ABOUT THIS TASK:
Would you retype the whole listing verbatim, keeping pictures out of it?

MATERIALS PROVIDED:
BEGIN

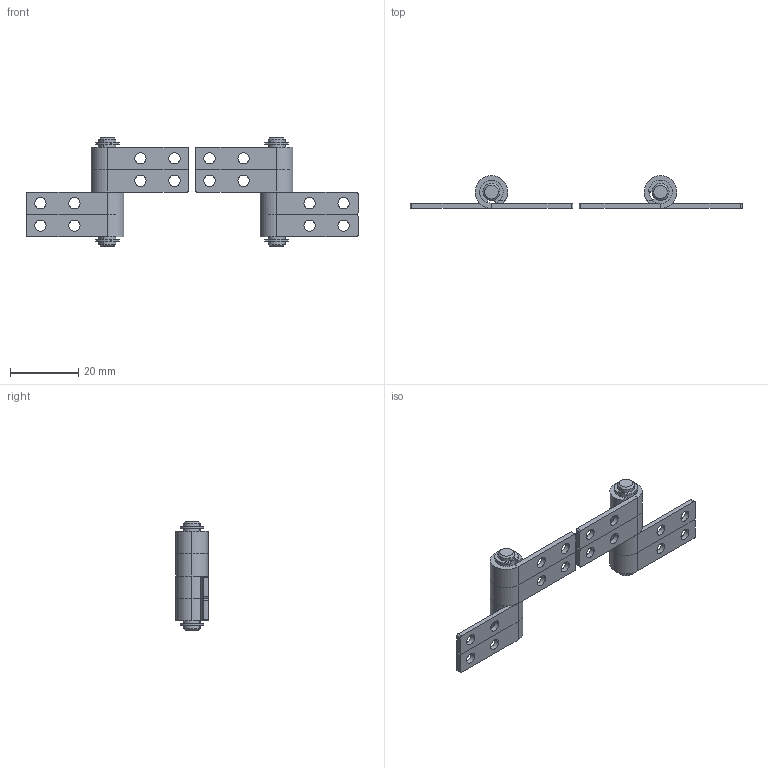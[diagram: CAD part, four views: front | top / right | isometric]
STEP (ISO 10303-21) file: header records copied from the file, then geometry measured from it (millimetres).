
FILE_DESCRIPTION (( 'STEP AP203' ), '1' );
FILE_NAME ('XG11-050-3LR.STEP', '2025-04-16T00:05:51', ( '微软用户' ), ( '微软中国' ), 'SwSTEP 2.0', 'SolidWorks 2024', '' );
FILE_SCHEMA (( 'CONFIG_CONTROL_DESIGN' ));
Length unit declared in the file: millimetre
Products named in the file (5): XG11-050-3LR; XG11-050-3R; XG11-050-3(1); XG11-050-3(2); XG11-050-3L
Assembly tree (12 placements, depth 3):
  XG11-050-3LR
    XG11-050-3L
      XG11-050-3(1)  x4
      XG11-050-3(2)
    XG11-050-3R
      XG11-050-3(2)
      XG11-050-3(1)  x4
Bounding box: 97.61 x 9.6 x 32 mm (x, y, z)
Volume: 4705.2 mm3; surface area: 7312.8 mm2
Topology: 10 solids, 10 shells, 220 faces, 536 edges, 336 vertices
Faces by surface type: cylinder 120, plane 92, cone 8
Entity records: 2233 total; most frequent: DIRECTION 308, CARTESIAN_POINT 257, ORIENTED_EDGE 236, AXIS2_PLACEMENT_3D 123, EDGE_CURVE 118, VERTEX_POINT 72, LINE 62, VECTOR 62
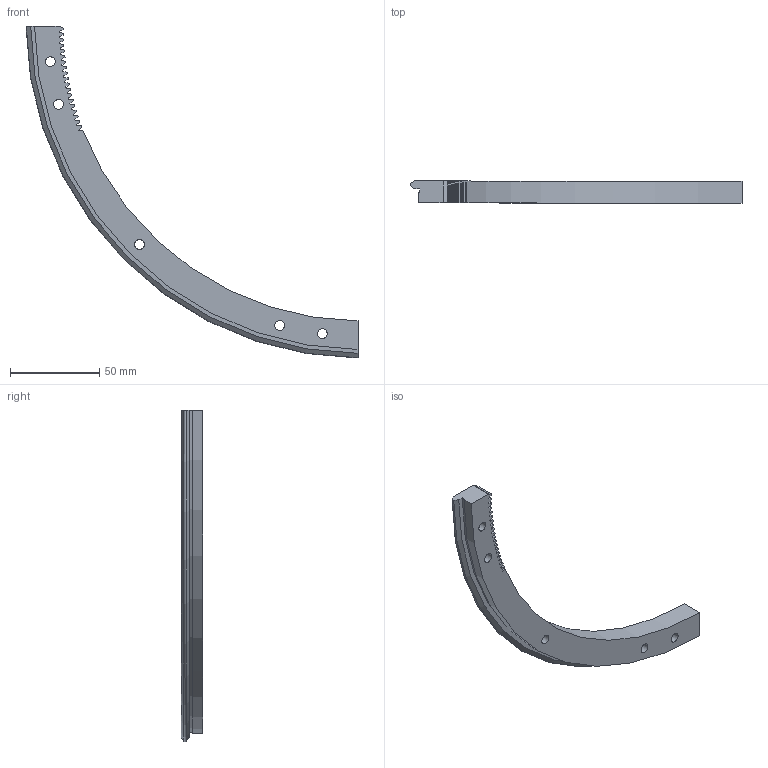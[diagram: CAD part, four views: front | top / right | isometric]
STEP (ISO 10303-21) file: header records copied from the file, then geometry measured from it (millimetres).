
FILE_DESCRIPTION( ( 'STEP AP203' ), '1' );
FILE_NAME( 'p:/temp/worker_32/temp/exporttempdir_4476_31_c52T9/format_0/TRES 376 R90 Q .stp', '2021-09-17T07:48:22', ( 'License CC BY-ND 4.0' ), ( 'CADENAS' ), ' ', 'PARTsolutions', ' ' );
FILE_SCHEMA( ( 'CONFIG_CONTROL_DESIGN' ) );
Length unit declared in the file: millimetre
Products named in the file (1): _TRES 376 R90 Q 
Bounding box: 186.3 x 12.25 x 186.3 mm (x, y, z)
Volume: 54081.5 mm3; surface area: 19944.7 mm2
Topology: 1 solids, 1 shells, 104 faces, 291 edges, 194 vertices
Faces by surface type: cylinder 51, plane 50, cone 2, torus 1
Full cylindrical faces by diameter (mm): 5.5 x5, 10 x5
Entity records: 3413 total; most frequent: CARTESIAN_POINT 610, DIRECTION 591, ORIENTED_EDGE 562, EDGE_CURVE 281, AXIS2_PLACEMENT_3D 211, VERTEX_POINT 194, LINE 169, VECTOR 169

END

TASK OUTPUT:
[diagram: CAD part, four views: front | top / right | isometric]
STEP (ISO 10303-21) file: header records copied from the file, then geometry measured from it (millimetres).
FILE_DESCRIPTION (( 'STEP AP203' ), '1' );
FILE_NAME ('XG11-050-3LR.STEP', '2025-04-16T00:05:51', ( '微软用户' ), ( '微软中国' ), 'SwSTEP 2.0', 'SolidWorks 2024', '' );
FILE_SCHEMA (( 'CONFIG_CONTROL_DESIGN' ));
Length unit declared in the file: millimetre
Products named in the file (5): XG11-050-3LR; XG11-050-3R; XG11-050-3(1); XG11-050-3(2); XG11-050-3L
Assembly tree (12 placements, depth 3):
  XG11-050-3LR
    XG11-050-3L
      XG11-050-3(1)  x4
      XG11-050-3(2)
    XG11-050-3R
      XG11-050-3(2)
      XG11-050-3(1)  x4
Bounding box: 97.61 x 9.6 x 32 mm (x, y, z)
Volume: 4705.2 mm3; surface area: 7312.8 mm2
Topology: 10 solids, 10 shells, 220 faces, 536 edges, 336 vertices
Faces by surface type: cylinder 120, plane 92, cone 8
Entity records: 2233 total; most frequent: DIRECTION 308, CARTESIAN_POINT 257, ORIENTED_EDGE 236, AXIS2_PLACEMENT_3D 123, EDGE_CURVE 118, VERTEX_POINT 72, LINE 62, VECTOR 62
[diagram: CAD part, four views: front | top / right | isometric]
STEP (ISO 10303-21) file: header records copied from the file, then geometry measured from it (millimetres).
FILE_DESCRIPTION( ( 'STEP AP203' ), '1' );
FILE_NAME( 'p:/temp/worker_32/temp/exporttempdir_4476_31_c52T9/format_0/TRES 376 R90 Q .stp', '2021-09-17T07:48:22', ( 'License CC BY-ND 4.0' ), ( 'CADENAS' ), ' ', 'PARTsolutions', ' ' );
FILE_SCHEMA( ( 'CONFIG_CONTROL_DESIGN' ) );
Length unit declared in the file: millimetre
Products named in the file (1): _TRES 376 R90 Q 
Bounding box: 186.3 x 12.25 x 186.3 mm (x, y, z)
Volume: 54081.5 mm3; surface area: 19944.7 mm2
Topology: 1 solids, 1 shells, 104 faces, 291 edges, 194 vertices
Faces by surface type: cylinder 51, plane 50, cone 2, torus 1
Full cylindrical faces by diameter (mm): 5.5 x5, 10 x5
Entity records: 3413 total; most frequent: CARTESIAN_POINT 610, DIRECTION 591, ORIENTED_EDGE 562, EDGE_CURVE 281, AXIS2_PLACEMENT_3D 211, VERTEX_POINT 194, LINE 169, VECTOR 169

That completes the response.